I repeat the following idiom again and again. I read from a large file (sometimes, up to 1.2 million records!) and store the output into an SQLite databse. Putting stuff into the SQLite DB seems to be fairly fast.
def readerFunction(recordSize, recordFormat, connection, outputDirectory, outputFile, numObjects):
insertString = "insert into NODE_DISP_INFO(node, analysis, timeStep, H1_translation, H2_translation, V_translation, H1_rotation, H2_rotation, V_rotation) values (?, ?, ?, ?, ?, ?, ?, ?, ?)"
analysisNumber = int(outputPath[-3:])
outputFileObject = open(os.path.join(outputDirectory, outputFile), "rb")
outputFileObject, numberOfRecordsInFileObject = determineNumberOfRecordsInFileObjectGivenRecordSize(recordSize, outputFileObject)
numberOfRecordsPerObject = (numberOfRecordsInFileObject//numberOfObjects)
loop1StartTime = time.time()
for i in range(numberOfRecordsPerObject ):
processedRecords = []
loop2StartTime = time.time()
for j in range(numberOfObjects):
fout = outputFileObject .read(recordSize)
processedRecords.append(tuple([j+1, analysisNumber, i] + [x for x in list(struct.unpack(recordFormat, fout))]))
loop2EndTime = time.time()
print "Time taken to finish loop2: {}".format(loop2EndTime-loop2StartTime)
dbInsertStartTime = time.time()
connection.executemany(insertString, processedRecords)
dbInsertEndTime = time.time()
loop1EndTime = time.time()
print "Time taken to finish loop1: {}".format(loop1EndTime-loop1StartTime)
outputFileObject.close()
print "Finished reading output file for analysis {}...".format(analysisNumber)

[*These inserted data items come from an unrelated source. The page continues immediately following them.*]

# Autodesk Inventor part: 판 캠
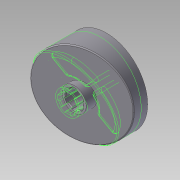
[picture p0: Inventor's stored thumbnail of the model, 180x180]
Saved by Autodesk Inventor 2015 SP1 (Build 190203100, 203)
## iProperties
Company: 한국ATC센터
Created: 2014-07
Part Number: 판 캠
Document SubType Name: 모델링
Designer: KYOUNG IL JANG
Material: 강철
Appearance: 알루미늄 - 평지
Mass: 681.587 g
Surface Area: 331.303 cm^2
Volume: 86.8264 cm^3
Density: 7.85 g/cm^3
변환 표준: STEP AP214IS
파일 이름: C:\Users\SeoGD\Desktop\?쒗뿕\??stp
전처리기: Build: 253, Release: 2010 SP1 - Date: Wed 07/29/2009
전송 단위: 밀리미터
불확실성: 0.01
Author: KYOUNG IL JANG
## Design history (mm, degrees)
node "작업 평면4"
sketch "스케치1"
  geometry: C1 r 44.5 at (0, 0); 1 further point
  constraints: 1 centre point, 1 coincident
  dimensions: "d25" = 89 diameter of C1
extrude "돌출1" new body sketch "스케치1" distance "d1" = 40; taper "d2" = 0 deg
sketch "스케치2"
  geometry: L1 (-44.5, 15)-(44.5, 38.847); L2 (-44.5, 0)-(-44.5, 40) reference; L3 (-44.5, 40)-(44.5, 40) reference; L4 (44.5, 0)-(44.5, 40) reference; 1 further point
  constraints: 2 end point, 2 point on line
  dimensions: "d26" = 15 distance of L2.start L1.start; "d27" = 75 deg angle of L1 L2
extrude "돌출2" cut sketch "스케치2" stored distance "d5" = 40; taper "d6" = 0 deg
node "작업 평면1"
sketch "스케치3"
  geometry: C1 r 13 at (0, 0); 1 further point
  constraints: 1 centre point, 1 coincident
  dimensions: "d9" = 26 diameter of C1
extrude "돌출3" join sketch "스케치3" distance "d10" = 38; taper "d11" = 0 deg
hole "구멍1" diameter "d14" = 18; stored, may be unused: countersink angle "d18" = 90 deg, drill point angle "d20" = 118 deg; dims "d12" = 10, "d13" = 10, "d15" = 6, "d16" = 4, "d17" = 2, "d19" = 8
feature "쉘2" dims "d29" = 5
sketch "스케치6"
  geometry: C1 r 17.5 at (0, 0); C2 r 14 at (0, 0) reference; 1 further point
  constraints: 1 centre point, 1 coincident
  dimensions: "d28" = 35 diameter of C1
extrude "돌출4" join sketch "스케치6" stored distance "d30" = 38; taper "d31" = 0 deg
fillet "모깎기1" dims "d32" = 3
chamfer "모따기1" distance "d21" = 1; stored, may be unused: second distance "d22" = 2, angle "d23" = 45 deg
sketch "스케치7"
  geometry: L1 (-12.374, 12.374)-(-27.931, 27.931); A1 r 39.5 centre (0, 0) between (-27.931, 27.931) and (0, 39.5) reference; 2 further points
  constraints: 2 end point, 2 point on circle, 1 point on line, 1 vertical alignment, 2 other
  dimensions: "d33" = 45 deg dimension on point (0, 0) L1.start A1.end
feature "리브1" sketch "스케치7" dims "d34" = 5, "d35" = 1, "d36" = 0
fillet "모깎기2" dims "d37" = 3
sketch "스케치8"
  geometry: L1 (2.5, 10.712)-(2.5, 8.646); L2 (-2.5, 10.712)-(-2.5, 8.646); A1 r 11 centre (0, 0) between (2.5, 10.712) and (-2.5, 10.712); A2 r 9 centre (0, 0) between (2.5, 8.646) and (-2.5, 8.646) reference; 1 further point
  constraints: 4 end point, 4 point on circle, 2 parallel, 1 centre point, 1 coincident, 1 vertical
  dimensions: "d41" = 22 diameter of A1; "d42" = 5 distance between parallel lines of L1 L2
extrude "돌출5" cut sketch "스케치8" stored distance "d43" = 38; taper "d44" = 0 deg
fillet "모깎기3" dims "d48" = 1
node "솔리드1"
node "솔리드 본체"
node "곡면 본체"
pattern_circular "원형 패턴1" dims angle "d39" = 360 deg
pattern_circular "원형 패턴2" dims angle "d46" = 360 deg
node "솔리드2"
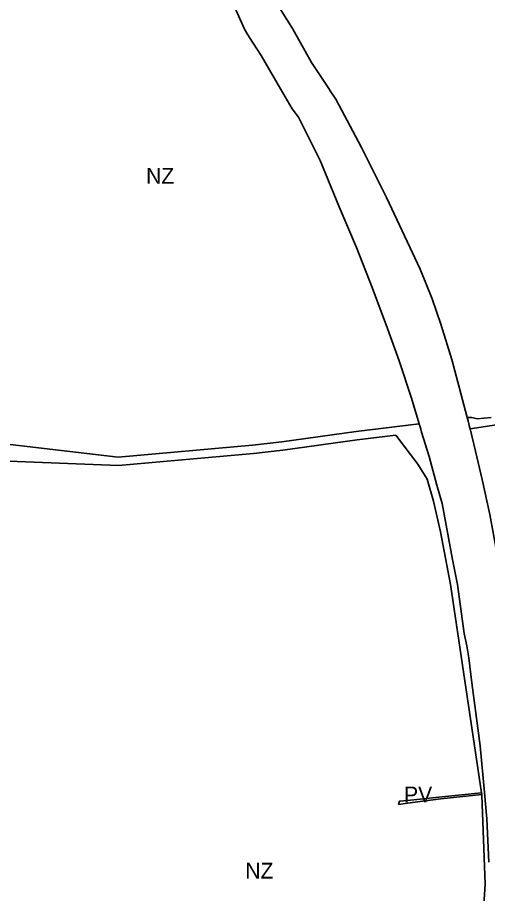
# Model space of a CAD drawing. Extents: x -650451 to -642268, y -1075216 to -1066610.
# Drawn here: x -645447 to -644999, y -1070421 to -1069586 of the extents above; entities that cross this region are included whole.
import ezdxf

# ---------------------------------------------------------------- set-up
doc = ezdxf.new("R2010")
doc.units = 0
doc.header["$LTSCALE"] = 6
doc.layers.add('1', color=7, linetype='Continuous', lineweight=35)
doc.layers.add('2', color=7, linetype='Continuous')

msp = doc.modelspace()

# ---------------------------------------------------------------- linework, layer by layer
at = {"layer": '1'}
msp.add_line((-645004.791, -1070324.889), (-645004.523, -1070326.697), dxfattribs=at)
for points in [[(-645064.052, -1069973.429), (-645071.53, -1069948.89), (-645083.31, -1069913.37), (-645094.42, -1069882.65), (-645108.74, -1069843.58), (-645123.84, -1069805.38), (-645140.27, -1069766.68), (-645153.44, -1069734.71), (-645158.43, -1069722.61), (-645179.12, -1069681.3), (-645185.17, -1069673.38), (-645198.41, -1069650.49), (-645214.76, -1069622.37), (-645225.7, -1069605.32), (-645227.27, -1069602.68), (-645230.42, -1069597.39), (-645242.75, -1069570.26)], [(-645018.28, -1069967.49), (-645024.45, -1069944.43), (-645032.85, -1069912.07), (-645043.5, -1069878.37), (-645051.78, -1069854.2), (-645063.26, -1069825.99), (-645095.1, -1069757.62), (-645118.98, -1069710.08), (-645143.56, -1069664.05), (-645148.8, -1069656.1), (-645150.3, -1069653.84), (-645153.33, -1069649.24), (-645166.67, -1069629), (-645184.88, -1069596.58), (-645202.56, -1069568.23)], [(-645015.548, -1069978.177), (-644917.567, -1069963.241), (-644816.43, -1069950.42), (-644811, -1069949.18), (-644786.59, -1069943.63), (-644697.64, -1069923.45), (-644570.98, -1069888.81), (-644560.98, -1069886.08), (-644475.46, -1069858.08), (-644434.96, -1069844.81), (-644431.06, -1069844.36), (-644427.69, -1069845.25), (-644424.29, -1069847.81), (-644422.37, -1069851.25), (-644408.42, -1069918.4), (-644394, -1069988.35), (-644378.24, -1070065.11), (-644378.11, -1070068.59), (-644379.29, -1070072.11), (-644382.02, -1070075.23), (-644385.73, -1070076.96), (-644423.99, -1070086.17)], [(-645469.701, -1069990.011), (-645453.852, -1069992.968), (-645350.784, -1070005.227), (-645222.809, -1069993.701), (-645195.011, -1069990.48), (-645124.233, -1069980.695), (-645064.052, -1069973.429)], [(-644997.87, -1070391.16), (-644999.47, -1070349.63), (-645001.81, -1070324.58), (-645005.98, -1070280.14), (-645013.77, -1070220.04), (-645016.92, -1070196.32), (-645018.56, -1070184.92), (-645021.14, -1070173.07), (-645027.49, -1070126.56), (-645032.21, -1070102.73), (-645042.27, -1070049.23), (-645047.28, -1070031.83), (-645054.73, -1070004.56), (-645061.76, -1069981.21), (-645062.57, -1069978.46), (-645063.23, -1069976.2), (-645063.96, -1069973.73), (-645064.052, -1069973.429)], [(-645018.28, -1069967.49), (-645013.9, -1069967.4), (-645008.74, -1069968.61), (-644995.54, -1069967.3)], [(-645015.548, -1069978.177), (-645016.01, -1069976.23), (-645017.46, -1069970.61), (-645018.28, -1069967.49)], [(-645015.548, -1069978.177), (-645010.54, -1069999.3), (-645004.02, -1070026.44), (-644996.88, -1070059.73), (-644989.62, -1070097.79), (-644984.21, -1070132.81), (-644979.57, -1070167.9), (-644978.49, -1070180.05), (-644976.94, -1070191.41), (-644974.49, -1070210.98), (-644974.29, -1070213.17), (-644974, -1070216.2), (-644971.47, -1070250.14), (-644970.36, -1070275.49), (-644970.55, -1070321.56)], [(-645004.791, -1070324.889), (-645034.122, -1070126.616), (-645043.92, -1070076.344), (-645050.293, -1070047.035), (-645056.555, -1070026.163), (-645065.235, -1070011.695), (-645086.484, -1069984.195), (-645123.206, -1069988.629), (-645194.003, -1069998.417), (-645221.99, -1070001.66), (-645350.591, -1070013.242), (-645455.073, -1070009.111), (-645454.881, -1070137.836), (-645466.862, -1070133.219), (-645499.142, -1070133.293)], [(-645004.791, -1070324.889), (-645045.31, -1070329.09), (-645075.22, -1070332.26), (-645082.85, -1070332.97), (-645083.74, -1070336.18), (-645075.2, -1070334.84), (-645043.33, -1070330.7), (-645004.523, -1070326.697)], [(-645004.523, -1070326.697), (-645004.434, -1070327.302), (-645001.312, -1070412.099), (-645004.327, -1070461.264), (-645014.277, -1070543.11), (-645023.048, -1070595.033), (-645039.574, -1070675.065), (-645045.493, -1070696.321), (-645059.308, -1070747.712), (-645059.403, -1070749.195)]]:
    msp.add_lwpolyline(points, dxfattribs=at)

# ---------------------------------------------------------------- texts
at = {"layer": '2'}
for s, p in [('NZ', (-645324.315, -1069744.623)), ('PV', (-645078.468, -1070334.109)), ('NZ', (-645229.737, -1070406.663))]:
    msp.add_text(s, height=15, dxfattribs=at).set_placement(p)

doc.saveas('drawing.dxf')

When I run the code, it seems that "loop 2" and "inserting into the database" is where most execution time is spent. Average "loop 2" time is 0.003s, but it is run up to 50,000 times, in some analyses. The time spent putting stuff into the database is about the same: 0.004s. Currently, I am inserting into the database every time after loop2 finishes so that I don't have to deal with running out RAM.
What could I do to speed up "loop 2"?